Para vivir bien el Adviento, nada mejor que imitar la actitud del Bautista. Podría resumirse ésta en su humildad, la viva conciencia que tiene de ser sólo un instrumento o, por usar otro símil, de ser él la envoltura y Jesús el regalo. Una vez recibido el regalo, pierde el sentido la envoltura. Se trata entonces -¡qué difícil es!- de descubrir que el centro de la fiesta no somos nosotros, es Jesús. Que el mundo no gira alrededor nuestro, sino de Él. De poder decir, con autenticidad, como san Juan: “conviene que Él (Jesús) crezca y yo disminuya”. En el Adviento, por tanto, podemos hacer el ejercicio de ubicarnos en nuestra realidad existencial, espiritual y religiosa. De alguna forma revivir el descubrimiento de Copérnico y descubrir, maravillados, que el centro no somos nosotros, sino Jesús, y tomar las medidas, dar pasos decididos, en orden a que efectivamente, y no sólo en nuestros deseos o en nuestra boca, sea Jesús el centro de nuestra vida.
Muchas veces, además, podemos tener el “complejo del Bautista”. ¿En qué consiste? En sentirnos como él: “voz que clama en el desierto: enderezad el camino del Señor” (Juan 1, 23, vid. Isaías 40, 3). A veces sentimos que nuestro clamor cae en el desierto, en tierra baldía, nadie lo escucha, todos lo ignoran. A veces los cristianos nos sentimos incomprendidos en el mundo, cuando no extraños a él. No debemos, sin embargo, dejar de ejercer nuestra misión profética en el seno de la sociedad. Dios cuenta con ello, aún con la apariencia de falta de frutos. Algo análogo le sucedió al Bautista: su misión estribaba en preparar al pueblo de Israel para recibir a su Mesías, pero cómo explica el otro san Juan en el prólogo de su evangelio: “vino a su casa, y los suyos no le recibieron” (Juan 1, 11), finalmente el pueblo de Israel no aceptó a su Mesías y lo crucificó. Los designios de Dios son inescrutables, pero Dios contó con la misión de san Juan Bautista, así como cuenta con la nuestra.
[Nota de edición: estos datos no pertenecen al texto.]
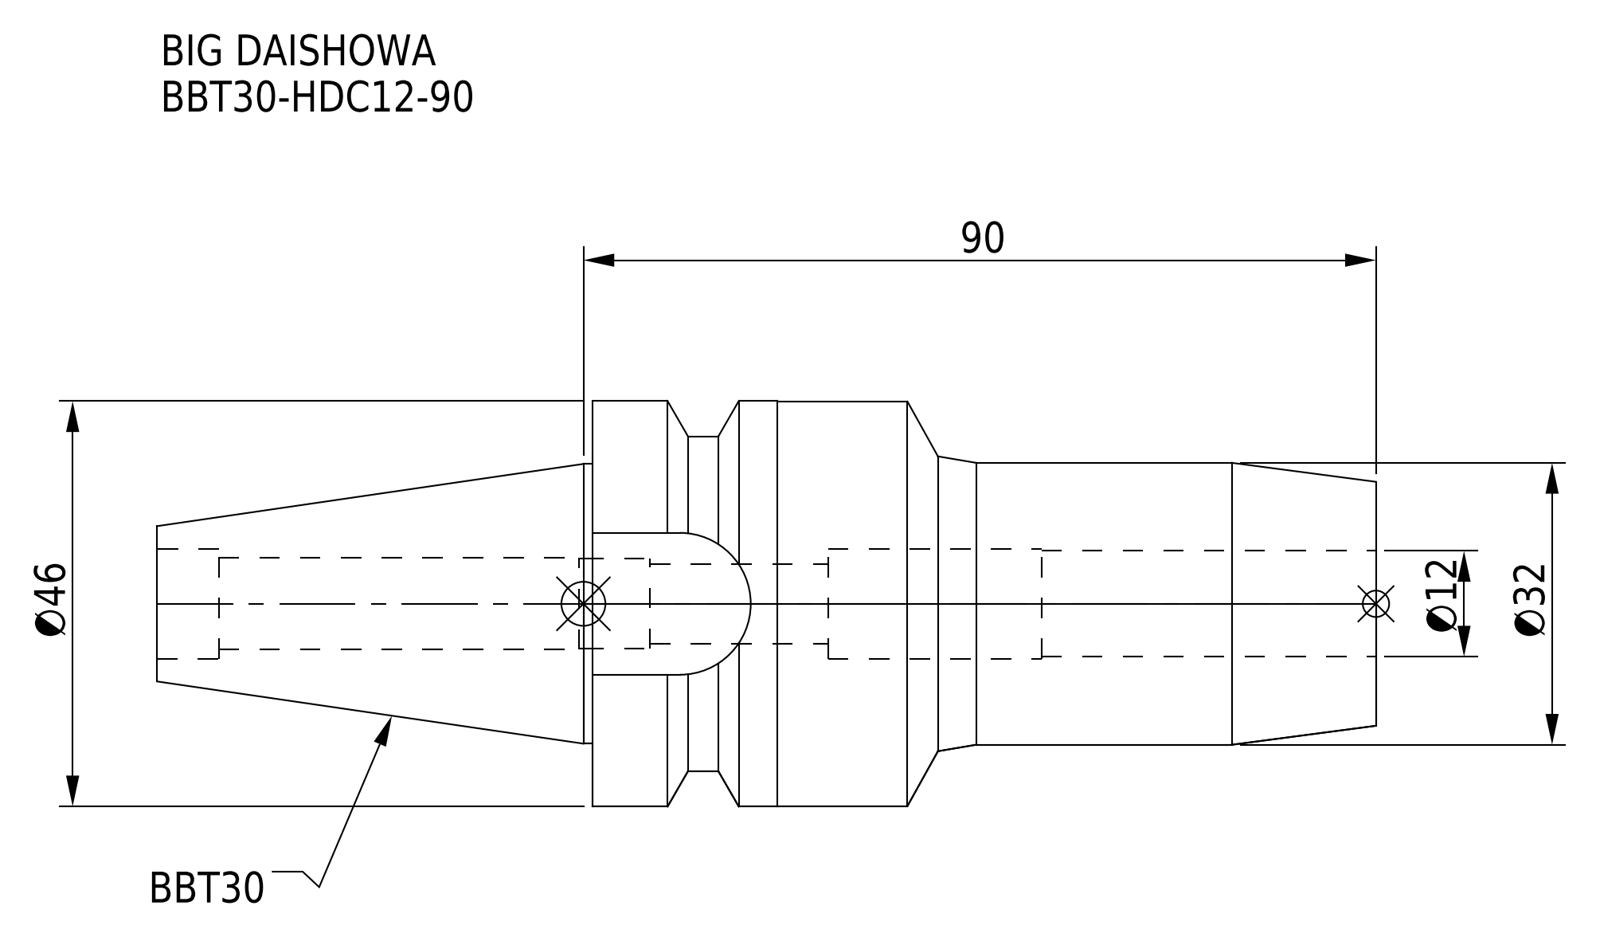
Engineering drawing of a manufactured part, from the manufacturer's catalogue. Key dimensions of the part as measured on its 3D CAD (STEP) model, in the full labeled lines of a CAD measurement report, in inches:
Part name (STEP PRODUCT): BBT30-HDC12-90
STEP written by: CREO PARAMETRIC BY PTC INC, 2016380 (AUTOMOTIVE_DESIGN)
Units: inches
Bodies: 1 solid, 55 faces (15 planar, 28 cylindrical, 12 other)
Overall size (bounding box): 5.449 × 1.811 × 1.811
Volume: 6.564 in³ · Surface area: 33.84 in²
Round holes (diameter × count): ⌀0.354 ×1, ⌀0.402 ×1, ⌀0.409 ×1, ⌀0.472 ×1, ⌀0.492 ×1
Round bosses / shafts (diameter × count): ⌀1.811 ×1, ⌀1.807 ×1, ⌀1.26 ×1, ⌀1.25 ×1
Partial cylindrical surfaces — rounded edges, fillets, slot ends (radius × count): R0.317 ×1, R0.748 ×1
Main face-to-face distances: 3.504, 1.283, 5.449, 1.945, 0.634, 2.449, 1.055, 3, 5.173, 2.724

Proclamar, en medio del mundo, que el fin del mundo es trascendente a este mundo, aunque el mundo parezca no escucharnos. Como diría Pink Floyd: “Keep talking”, sigue hablando, sigue sembrando la semilla de la Palabra, que el Espíritu Santo encontrará la forma de que esta dé fruto, y fecunde el mundo y la sociedad. No te canses de hablar, no ceses de proclamar “la buena nueva”, “con ocasión y sin ella”, “oportuna o inoportunamente” (en expresión de san Pablo). La dimensión del Bautista en nuestra vida es parte de nuestra vocación bautismal, del carisma profético con el que somos ungidos al recibir el carácter sacramental en el bautismo y la confirmación. Muy especialmente con este último sacramento, que nos da la gracia y nos capacita para dar testimonio público de nuestra fe. Y esto con naturalidad, sin estridencias ni cosas raras, en medio de la sociedad, a través de nuestra vida familiar, profesional o social, sirviéndonos de la amistad, vamos dando testimonio de Cristo. Sentimos en nuestro interior la fuerza de esta misión, la responsabilidad de estar a la altura de ella, y el empeño de que nuestra vida sea coherente con la misma, como lo fue la de san Juan Bautista con su misión de Precursor; si de algo no se puede dudar, es de la autenticidad del personaje, a él le pedimos también que nimbe con el sello de la autenticidad nuestra entera vida cristiana.